Change8

v4.0.1

Breaking Changes
📦 sentence-transformers
3 breaking17 features3 deprecations🔧 8 symbols

Summary

Version 4.0.1 introduces a complete overhaul of the CrossEncoder training pipeline with a new `CrossEncoderTrainer`, dataset‑based inputs, multi‑GPU and bf16 support, and many training‑related enhancements, while keeping inference unchanged.

⚠️ Breaking Changes

  • The old training workflow using `InputExample`, `DataLoader` and `model.fit()` has been removed.
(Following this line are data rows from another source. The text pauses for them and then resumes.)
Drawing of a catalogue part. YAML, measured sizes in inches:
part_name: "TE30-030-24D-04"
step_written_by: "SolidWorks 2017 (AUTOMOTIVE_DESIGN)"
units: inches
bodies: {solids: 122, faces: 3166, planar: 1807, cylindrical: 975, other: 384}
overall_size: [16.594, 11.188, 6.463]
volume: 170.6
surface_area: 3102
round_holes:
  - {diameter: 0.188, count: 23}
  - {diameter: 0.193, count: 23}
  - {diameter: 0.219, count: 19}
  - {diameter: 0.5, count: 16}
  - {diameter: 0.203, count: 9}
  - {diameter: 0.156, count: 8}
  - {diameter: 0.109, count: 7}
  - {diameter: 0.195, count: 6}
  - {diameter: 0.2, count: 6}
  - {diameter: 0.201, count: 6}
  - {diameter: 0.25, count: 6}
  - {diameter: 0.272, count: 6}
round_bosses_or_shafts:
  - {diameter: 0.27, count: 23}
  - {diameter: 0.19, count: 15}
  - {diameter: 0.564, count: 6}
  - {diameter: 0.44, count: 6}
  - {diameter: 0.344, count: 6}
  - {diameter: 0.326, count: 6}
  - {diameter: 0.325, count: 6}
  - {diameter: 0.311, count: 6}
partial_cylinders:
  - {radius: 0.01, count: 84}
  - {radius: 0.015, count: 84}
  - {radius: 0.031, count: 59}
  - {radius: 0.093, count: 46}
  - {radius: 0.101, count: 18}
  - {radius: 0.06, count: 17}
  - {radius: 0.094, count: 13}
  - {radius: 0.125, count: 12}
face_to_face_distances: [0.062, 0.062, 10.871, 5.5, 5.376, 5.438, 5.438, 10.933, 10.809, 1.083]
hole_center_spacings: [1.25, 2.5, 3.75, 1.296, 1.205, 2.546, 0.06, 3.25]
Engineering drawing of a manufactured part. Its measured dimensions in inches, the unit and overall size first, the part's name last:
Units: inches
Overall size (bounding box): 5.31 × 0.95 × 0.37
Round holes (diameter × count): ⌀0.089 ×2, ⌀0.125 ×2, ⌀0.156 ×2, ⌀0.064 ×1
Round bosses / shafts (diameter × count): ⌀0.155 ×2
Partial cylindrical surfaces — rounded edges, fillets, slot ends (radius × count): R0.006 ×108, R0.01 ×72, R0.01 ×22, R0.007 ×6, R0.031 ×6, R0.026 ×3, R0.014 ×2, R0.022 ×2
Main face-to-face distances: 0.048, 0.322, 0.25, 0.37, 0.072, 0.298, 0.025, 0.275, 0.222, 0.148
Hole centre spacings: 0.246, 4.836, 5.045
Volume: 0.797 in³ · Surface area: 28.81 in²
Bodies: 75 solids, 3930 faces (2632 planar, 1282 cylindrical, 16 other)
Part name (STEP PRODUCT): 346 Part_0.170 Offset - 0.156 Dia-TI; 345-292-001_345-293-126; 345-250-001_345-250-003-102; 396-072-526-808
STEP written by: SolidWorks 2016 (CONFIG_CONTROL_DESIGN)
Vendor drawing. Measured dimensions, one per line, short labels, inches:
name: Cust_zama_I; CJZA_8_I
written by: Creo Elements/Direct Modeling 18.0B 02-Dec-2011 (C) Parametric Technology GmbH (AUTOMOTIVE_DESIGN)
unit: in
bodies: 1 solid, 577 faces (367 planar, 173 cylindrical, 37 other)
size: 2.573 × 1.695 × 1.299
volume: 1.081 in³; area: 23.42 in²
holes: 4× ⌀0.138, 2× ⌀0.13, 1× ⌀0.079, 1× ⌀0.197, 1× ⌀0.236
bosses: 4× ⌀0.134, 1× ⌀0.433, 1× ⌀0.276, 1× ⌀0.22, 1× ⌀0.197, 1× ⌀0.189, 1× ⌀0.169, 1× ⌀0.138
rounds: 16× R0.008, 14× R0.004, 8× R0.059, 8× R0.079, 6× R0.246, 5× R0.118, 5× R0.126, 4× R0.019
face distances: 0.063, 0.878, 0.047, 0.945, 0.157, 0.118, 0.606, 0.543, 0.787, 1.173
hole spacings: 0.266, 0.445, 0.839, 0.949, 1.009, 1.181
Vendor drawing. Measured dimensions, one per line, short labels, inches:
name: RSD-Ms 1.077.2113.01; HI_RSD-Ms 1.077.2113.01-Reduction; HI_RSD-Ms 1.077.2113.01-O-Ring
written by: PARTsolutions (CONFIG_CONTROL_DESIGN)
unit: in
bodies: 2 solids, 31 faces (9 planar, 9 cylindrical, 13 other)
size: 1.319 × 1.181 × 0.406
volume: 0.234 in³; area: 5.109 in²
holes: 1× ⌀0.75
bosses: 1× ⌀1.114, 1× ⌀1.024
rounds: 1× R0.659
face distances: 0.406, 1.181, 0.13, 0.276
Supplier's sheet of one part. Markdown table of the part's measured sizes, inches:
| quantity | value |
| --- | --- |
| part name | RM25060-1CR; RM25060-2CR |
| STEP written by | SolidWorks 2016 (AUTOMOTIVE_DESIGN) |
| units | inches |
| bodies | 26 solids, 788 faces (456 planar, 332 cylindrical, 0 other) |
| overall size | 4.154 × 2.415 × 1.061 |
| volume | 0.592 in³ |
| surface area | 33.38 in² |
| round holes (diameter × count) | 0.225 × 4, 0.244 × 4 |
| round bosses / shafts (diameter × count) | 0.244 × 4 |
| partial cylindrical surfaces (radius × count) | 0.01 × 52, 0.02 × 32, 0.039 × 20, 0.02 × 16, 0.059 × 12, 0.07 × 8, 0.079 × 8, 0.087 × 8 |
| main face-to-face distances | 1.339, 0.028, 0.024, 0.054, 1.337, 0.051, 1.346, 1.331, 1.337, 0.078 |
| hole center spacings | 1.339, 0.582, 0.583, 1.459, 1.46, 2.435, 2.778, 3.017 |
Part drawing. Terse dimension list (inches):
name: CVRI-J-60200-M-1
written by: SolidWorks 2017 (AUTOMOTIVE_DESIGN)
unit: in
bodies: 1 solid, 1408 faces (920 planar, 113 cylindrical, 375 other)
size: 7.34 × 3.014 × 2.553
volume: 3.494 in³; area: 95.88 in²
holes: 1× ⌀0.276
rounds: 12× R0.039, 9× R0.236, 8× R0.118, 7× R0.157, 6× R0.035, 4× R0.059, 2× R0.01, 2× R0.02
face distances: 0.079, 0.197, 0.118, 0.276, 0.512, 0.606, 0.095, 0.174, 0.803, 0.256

Switch to the new `CrossEncoderTrainer` with a `datasets.Dataset` or `DatasetDict` and a `CrossEncoderTrainingArguments` instance.
  • The `loss` argument now expects a loss object or a dictionary of loss objects keyed by dataset names; passing a single loss for a `DatasetDict` without a matching dict will raise an error.
  • Automatic model card generation now overwrites previous manual cards; if you relied on custom cards you must disable or edit them after training.

Migration Steps

  1. Replace any usage of `model.fit(...)` with a `CrossEncoderTrainer` instance and call `trainer.train()`.
  2. Convert training data from lists of `InputExample` or `DataLoader` objects to a HuggingFace `datasets.Dataset` (or `DatasetDict`).
  3. If you train on multiple datasets, provide a dictionary of loss objects keyed by the dataset names and pass a matching dictionary to the `loss` parameter.
  4. Import and use `CrossEncoderTrainingArguments` (or the base `TrainingArguments`) instead of the old argument objects.
  5. Update imports to include `CrossEncoderTrainer` and, if needed, `CrossEncoderTrainingArguments` from `sentence_transformers`.
  6. Install the `[train]` extra (`pip install sentence-transformers[train]==4.0.1`) to get the new training dependencies.
  7. If you rely on custom model cards, disable the automatic generation or edit the generated card after training.

✨ New Features

  • Multi‑GPU training support with both Data Parallelism (DP) and Distributed Data Parallelism (DDP).
  • Native bf16 training support.
  • Loss logging during training.
  • Evaluation datasets and evaluation loss integration.
  • Enhanced callback system with built‑in support for Weights & Biases, TensorBoard, CodeCarbon and custom callbacks.
  • Gradient checkpointing to reduce memory usage.
  • Gradient accumulation support.
  • Improved automatic model‑card generation for trained models.
  • Configurable warmup ratio in training arguments.
  • Automatic push of model checkpoints to the Hugging Face Hub.
  • Resume training from a saved checkpoint.
  • Hyperparameter optimization integration.
  • New `CrossEncoderTrainer` class built on 🤗 Transformers `Trainer`.
  • New `CrossEncoderTrainingArguments` subclass for detailed training configuration.
  • Ability to train on `datasets.Dataset` or `datasets.DatasetDict` instead of lists of `InputExample`.
  • Support for providing a dictionary of loss functions when training with multiple datasets.
  • Optional `SentenceEvaluator` can be used alongside evaluation loss.

🔧 Affected Symbols

CrossEncoderCrossEncoderTrainerCrossEncoderTrainingArgumentsBinaryCrossEntropyLossCachedMultipleNegativesRankingLossSentenceEvaluatorInputExamplemodel.fit

⚡ Deprecations

  • `InputExample` class for training is deprecated.
  • `model.fit` method on `CrossEncoder` is deprecated.
  • Legacy training arguments without using `CrossEncoderTrainingArguments` are deprecated.